*Instructions to follow*:
Return the data below unchanged. Drop any pictures.

*Provided data*:
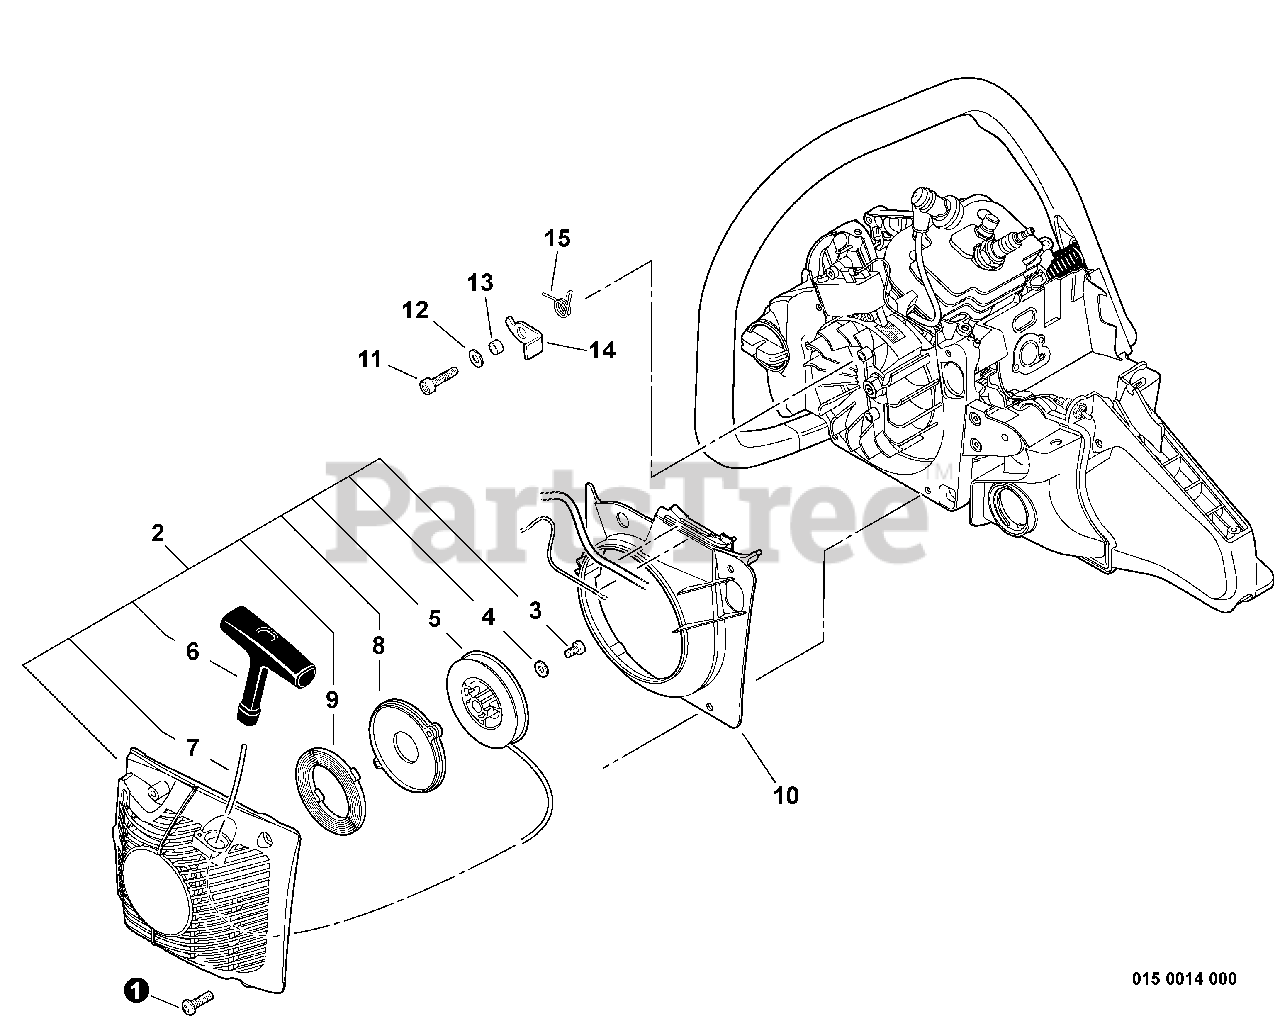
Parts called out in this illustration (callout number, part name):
1	SCREW - 5X20
2	STARTER ASSY
3	SCREW - 5X10
4	WASHER - 5
5	REEL, ROPE
6	GRIP, STARTER
7	ROPE, STARTER - 4X950
8	PLATE, STARTER
9	SPRING, REWIND
10	COVER, FAN
11	SCREW - 5X16
12	WASHER - 5
14	PAWL, STARTER
15	SPRING, RETURN

*Solution to this problem*:
Parts called out in this illustration (callout number, part name):
1	SCREW - 5X20
2	STARTER ASSY
3	SCREW - 5X10
4	WASHER - 5
5	REEL, ROPE
6	GRIP, STARTER
7	ROPE, STARTER - 4X950
8	PLATE, STARTER
9	SPRING, REWIND
10	COVER, FAN
11	SCREW - 5X16
12	WASHER - 5
14	PAWL, STARTER
15	SPRING, RETURN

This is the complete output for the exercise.